Mais que isso: ser feliz é não depender do consumo.
Mas é
o consumo que tem marcado a inclusão social, no Brasil. A inclusão dos últimos
anos foi em boa medida um aumento do poder de compra a crédito. Os pobres
compram mais – o que é ótimo, porque eles tinham e ainda têm acesso limitado a
vários dentre os bens que asseguram o conforto. Mas esse foi o eixo mais
marcante da inclusão. Embora a educação esteja melhorando, a dupla do bem – que
seriam o mix de educação e cultura, e o de saúde e atividade física – não
desperta igual atenção nem gera resultados rápidos. Aliás, se fosse outra a
prioridade dos governos petistas, eles se teriam defrontado com uma oposição
ainda maior. Aumentar o poder aquisitivo injeta dinheiro na veia da economia.
Já melhorar o que chamei dupla do bem exigiria mais investimentos públicos,
isto é, mais impostos. Não seria fácil nem, talvez, politicamente possível.
Estamos
no limite do que pode ser a inclusão social pelo consumo. Beira o ridículo
negar a inclusão social promovida pelo PT. Foi substancial. Mas se deu pelo que
nossa sociedade consumista mais valoriza. Melhorar radicalmente as escolas
teria exigido mais verbas e protagonismo do poder público. O mesmo vale para a
saúde, o transporte e a segurança públicos. O choque com as classes mais ricas
teria sido forte, porque a exigência tributária teria aumentado. Basta ver como
é difícil a Prefeitura de São Paulo arrecadar o necessário a fim de melhorar um
pouco os ônibus, para se ter o tamanho do problema.
Com o
consumo, o PT escolheu a via do possível. Dificilmente seus adversários teriam
feito melhor. Mas a trilha do consumo significa: a ideologia que ganhou foi a
do shopping center.
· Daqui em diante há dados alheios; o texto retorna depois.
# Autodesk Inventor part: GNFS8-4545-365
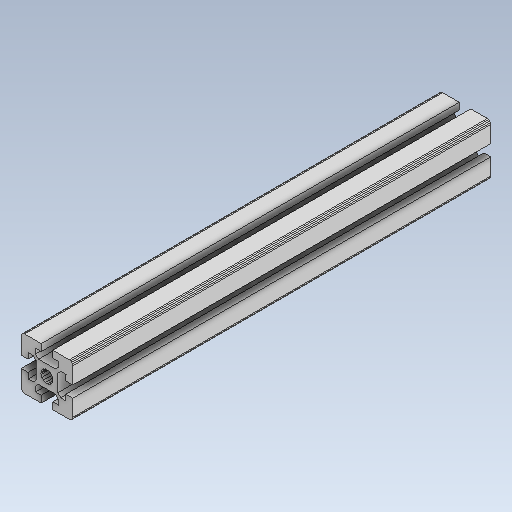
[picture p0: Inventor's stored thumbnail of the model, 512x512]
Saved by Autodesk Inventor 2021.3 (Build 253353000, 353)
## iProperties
Created: 2022-02
Part Number: GNFS8-4545-365
Material: 一般
Document SubType Name: Modeling
Designer: kengo
Density: 1 g/cm^3
Appearance: 既定
Author: kengo
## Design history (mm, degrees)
feature "GNFS8-4545-365"
node "ソリッド1"

Dizia-se há alguns anos que a ideologia dominante numa
sociedade é a ideologia de sua classe dominante. Se for verdade, os rolês
mostram que a ideologia da classe média, seu “way of life”, seduziram os mais
pobres. O que muitos deles querem é estar no mundo da classe média. Não querem
romper com ela nem eliminá-la. Querem fazer parte dela, claro que com os
ajustes necessários.
Se a
classe média não gosta disso, é outra coisa (essa batalha, a “velha classe
média” vai perder, e as chances do PSDB estão – como bem entendeu Aécio, mas
não os jornalistas favoráveis ao partido – em conseguir ser o partido de todas
as classes médias, não só da antiga). Mas a classe média, ou sua maioria
consumista, poderia ficar contente. Porque isso significa que os movimentos dos
jovens chamados rolezinhos não acreditam que um outro mundo seja possível. O
problema é que a inclusão pelo consumo tem um alcance limitado, chega uma hora
em que você tem de produzir e não só consumir, e a produção requer hoje
competências cada vez maiores, que se chamam educação, cultura, ciência. O
engraçado é que também elas podem dar (algum) prazer, mas nossa sociedade,
independentemente da classe social, não sabe disso. Prefere o shopping.